More uptime, lower cost: Boosting organizational health in maintenance

Business leaders can see maintenance as a necessary evil: expensive, time-consuming, and often value destroying. They have a point. Maintenance represents between 20 percent and 40 percent of operating cost in heavy industries and drives between 30 percent and 50 percent of overall equipment effectiveness losses. Some maintenance organizations do far better than the average, however, achieving high levels of availability at low cost. Their secret? A relentless focus on their culture.

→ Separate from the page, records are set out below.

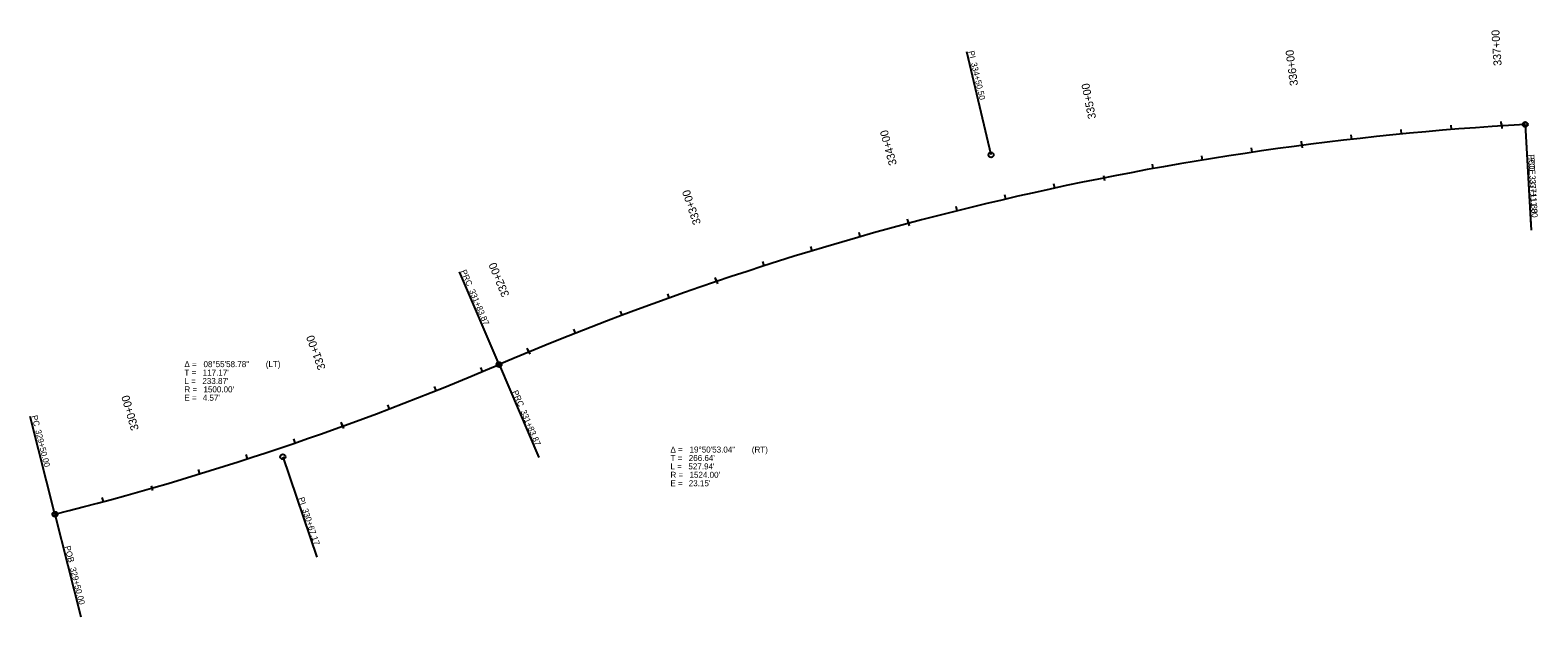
# Model space of a CAD drawing. Extents: x 21448228 to 21448979, y 8416810 to 8417103.
import ezdxf

# ---------------------------------------------------------------- set-up
doc = ezdxf.new("R2010")
doc.units = 0
for name, color, linetype in [('_CIVIL_CONSTRUCTION', 7, 'Continuous'), ('Terrain', 7, 'Continuous'), ('TextAlignment', 7, 'Continuous'), ('TextAlignmentLrg', 7, 'Continuous'), ('TextAlignmentSml', 7, 'Continuous')]:
    doc.layers.add(name, color=color, linetype=linetype)

msp = doc.modelspace()

# ---------------------------------------------------------------- linework, layer by layer
at = {"layer": '_CIVIL_CONSTRUCTION'}
for centre, radius, start, end in [((21449059.39, 8415534.31), 1524, 93.26062, 113.10869), ((21447872.54, 8418315.67), 1500, 284.17569, 293.10869)]:
    msp.add_arc(centre, radius, start, end, dxfattribs=at)
at = {"layer": 'Terrain'}
msp.add_arc((21449059.39, 8415534.31), 1524, 93.26062, 113.10869, dxfattribs=at)
at = {"layer": 'TextAlignment'}
for p, q in [((21448706.5, 8417040.67), (21448694.46, 8417092.08)), ((21448694.46, 8417092.08), (21448694.46, 8417092.08)), ((21448972.71, 8417055.84), (21448975.58, 8417005.52)), ((21448972.71, 8417055.84), (21448975.71, 8417003.13)), ((21448975.58, 8417005.52), (21448975.58, 8417005.52)), ((21448975.71, 8417003.13), (21448975.71, 8417003.13)), ((21448461.26, 8416936.02), (21448441.48, 8416982.38)), ((21448441.48, 8416982.38), (21448441.48, 8416982.38)), ((21448461.26, 8416936.02), (21448481.04, 8416889.67)), ((21448239.89, 8416861.34), (21448227.54, 8416910.21)), ((21448227.54, 8416910.21), (21448227.54, 8416910.21)), ((21448353.49, 8416890.04), (21448370.37, 8416840.01)), ((21448481.04, 8416889.67), (21448481.04, 8416889.67)), ((21448239.89, 8416861.34), (21448252.82, 8416810.15)), ((21448370.37, 8416840.01), (21448370.37, 8416840.01)), ((21448252.82, 8416810.15), (21448252.82, 8416810.15))]:
    msp.add_line(p, q, dxfattribs=at)
for centre, radius in [((21448972.71, 8417055.84), 1.25), ((21448972.71, 8417055.84), 1.07), ((21448706.5, 8417040.67), 1.25), ((21448461.26, 8416936.02), 1.25), ((21448461.26, 8416936.02), 1.25), ((21448353.49, 8416890.04), 1.25), ((21448239.89, 8416861.34), 1.25), ((21448239.89, 8416861.34), 1.07)]:
    msp.add_circle(centre, radius, dxfattribs=at)
at = {"layer": 'TextAlignmentLrg'}
for p, q in [((21448960.93, 8417055.12), (21448960.79, 8417057.3)), ((21448861.42, 8417045.39), (21448861.14, 8417047.56)), ((21448762.53, 8417030.36), (21448763.01, 8417027.96)), ((21448665.39, 8417006.5), (21448664.82, 8417008.61)), ((21448569.71, 8416977.49), (21448569, 8416979.56)), ((21448476.13, 8416942.28), (21448475.29, 8416944.3)), ((21448383.24, 8416905.28), (21448382.5, 8416907.34)), ((21448287.81, 8416875.57), (21448288.49, 8416873.22))]:
    msp.add_line(p, q, dxfattribs=at)
at = {"layer": 'TextAlignmentSml'}
for p, q in [((21448936, 8417053.3), (21448935.82, 8417055.48)), ((21448960.85, 8417056.35), (21448961.01, 8417053.9)), ((21448861.26, 8417046.61), (21448861.58, 8417044.18)), ((21448886.24, 8417048.44), (21448885.99, 8417050.61)), ((21448911.1, 8417051.08), (21448910.89, 8417053.25)), ((21448811.96, 8417038.09), (21448811.61, 8417040.24)), ((21448836.66, 8417041.94), (21448836.34, 8417044.1)), ((21448787.33, 8417033.83), (21448786.94, 8417035.98)), ((21448738.29, 8417024.1), (21448737.83, 8417026.23)), ((21448762.53, 8417030.36), (21448763.01, 8417027.96)), ((21448713.89, 8417018.63), (21448713.4, 8417020.76)), ((21448689.59, 8417012.76), (21448689.06, 8417014.88)), ((21448641.29, 8416999.83), (21448640.69, 8417001.94)), ((21448665.07, 8417007.68), (21448665.71, 8417005.31)), ((21448617.31, 8416992.78), (21448616.68, 8416994.87)), ((21448593.45, 8416985.33), (21448592.78, 8416987.41)), ((21448569.31, 8416978.65), (21448570.1, 8416976.33)), ((21448546.1, 8416969.27), (21448545.36, 8416971.32)), ((21448522.63, 8416960.65), (21448521.86, 8416962.7)), ((21448499.3, 8416951.66), (21448498.5, 8416953.69)), ((21448475.66, 8416943.41), (21448476.6, 8416941.15)), ((21448453.09, 8416932.57), (21448452.25, 8416934.58)), ((21448429.96, 8416923.09), (21448429.15, 8416925.11)), ((21448406.68, 8416913.99), (21448405.9, 8416916.03)), ((21448382.82, 8416906.43), (21448383.66, 8416904.13)), ((21448359.67, 8416896.97), (21448358.96, 8416899.03)), ((21448335.95, 8416889.05), (21448335.28, 8416891.12)), ((21448312.11, 8416881.52), (21448311.47, 8416883.61)), ((21448287.81, 8416875.57), (21448288.49, 8416873.22)), ((21448264.07, 8416867.67), (21448263.5, 8416869.78)), ((21448239.89, 8416861.34), (21448239.35, 8416863.46))]:
    msp.add_line(p, q, dxfattribs=at)

# ---------------------------------------------------------------- texts
at = {"layer": 'TextAlignment'}
for s, rotation, p in [('PI ', 283.18465, (21448695.1, 8417092.23)), ('334+50.50', 283.18465, (21448696.46, 8417086.41)), ('PCC', 273.26062, (21448974.22, 8417040.86)), ('POE ', 273.26062, (21448974.32, 8417039.11)), ('337+11.80', 273.26062, (21448974.82, 8417030.39)), ('337+11.80', 273.26062, (21448974.93, 8417028.36)), ('PRC', 293.10869, (21448442.08, 8416982.64)), ('331+83.87', 293.10869, (21448446.26, 8416972.85)), ('T = ', 359.99859, (21448304.43, 8416930.56)), ('Δ = ', 359.99859, (21448304.43, 8416934.76)), ("117.17'", 359.99859, (21448313.56, 8416930.56)), ('08°55\'58.78"', 359.99859, (21448313.93, 8416934.76)), (' (LT)', 359.99859, (21448343.87, 8416934.76)), ('L = ', 359.99859, (21448304.43, 8416926.36)), ("233.87'", 359.99859, (21448313.37, 8416926.36)), ('R = ', 359.99859, (21448304.43, 8416922.16)), ('E = ', 359.99859, (21448304.43, 8416917.96)), ("4.57'", 359.99859, (21448313.56, 8416917.96)), ("1500.00'", 359.99859, (21448313.92, 8416922.16)), ('PRC', 293.10869, (21448467.76, 8416922.46)), ('PC', 284.17569, (21448228.18, 8416910.37)), ('331+83.87', 293.10869, (21448471.94, 8416912.68)), ('329+50.00', 284.17569, (21448230.01, 8416903.13)), ('T = ', 359.96341, (21448546.69, 8416887.94)), ('Δ = ', 359.96341, (21448546.69, 8416892.14)), ("266.64'", 359.96341, (21448555.81, 8416887.94)), ('19°50\'53.04"', 359.96341, (21448556.19, 8416892.14)), (' (RT)', 359.96341, (21448586.13, 8416892.12)), ('L = ', 359.96341, (21448546.69, 8416883.74)), ('R = ', 359.96341, (21448546.69, 8416879.54)), ("527.94'", 359.96341, (21448555.63, 8416883.74)), ("1524.00'", 359.96341, (21448556.17, 8416879.54)), ('E = ', 359.96341, (21448546.68, 8416875.34)), ("23.15'", 359.96341, (21448555.81, 8416875.34)), ('PI ', 288.64219, (21448361.17, 8416869.32)), ('330+67.17', 288.64219, (21448363.08, 8416863.66)), ('POB ', 284.17569, (21448244.64, 8416845.22)), ('329+50.00', 284.17569, (21448247.35, 8416834.47))]:
    msp.add_text(s, height=3, rotation=rotation, dxfattribs=at).set_placement(p)
at = {"layer": 'TextAlignmentLrg'}
for s, rotation, p in [('335+00', 101.22339, (21448758.89, 8417058.98)), ('330+00', 106.08555, (21448281.76, 8416903.78))]:
    msp.add_text(s, height=4.008, rotation=rotation, dxfattribs=at).set_placement(p)
at = {"layer": 'TextAlignmentSml'}
for s, rotation, p in [('337+00', 93.70426, (21448960.99, 8417085.19)), ('336+00', 97.46383, (21448859.51, 8417075.4)), ('335+00', 101.22339, (21448758.89, 8417058.98)), ('334+00', 104.98296, (21448659.57, 8417035.99)), ('333+00', 108.74253, (21448561.96, 8417006.55)), ('332+00', 112.50209, (21448466.5, 8416970.76)), ('331+00', 109.90527, (21448374.91, 8416934.17)), ('330+00', 106.08555, (21448281.76, 8416903.78))]:
    msp.add_text(s, height=4.008, rotation=rotation, dxfattribs=at).set_placement(p)

doc.saveas('drawing.dxf')

In research conducted in 2018, we found a strong correlation between the health of heavy-industry maintenance organizations and the reliability and availability of their assets. Five years on, new analysis suggests that organizational health metrics at most maintenance organizations still lag their counterparts in operations. Our latest research did find a select group of sites that defy that trend, however, achieving high levels of organizational health despite the inherent challenges of maintenance work. These findings reinforce the message that culture matters in maintenance, and they identify some key areas of focus for maintenance leaders seeking to improve productivity, reliability, and retention in their organizations.

In our latest study, we analyzed new data from McKinsey’s Organizational Health Index (OHI). Specifically, we looked at the organizational health scores for 27 maintenance organizations in underground mining, surface mining, and materials processing facilities. We compared these numbers with the equivalent scores achieved by the sites’ operations functions.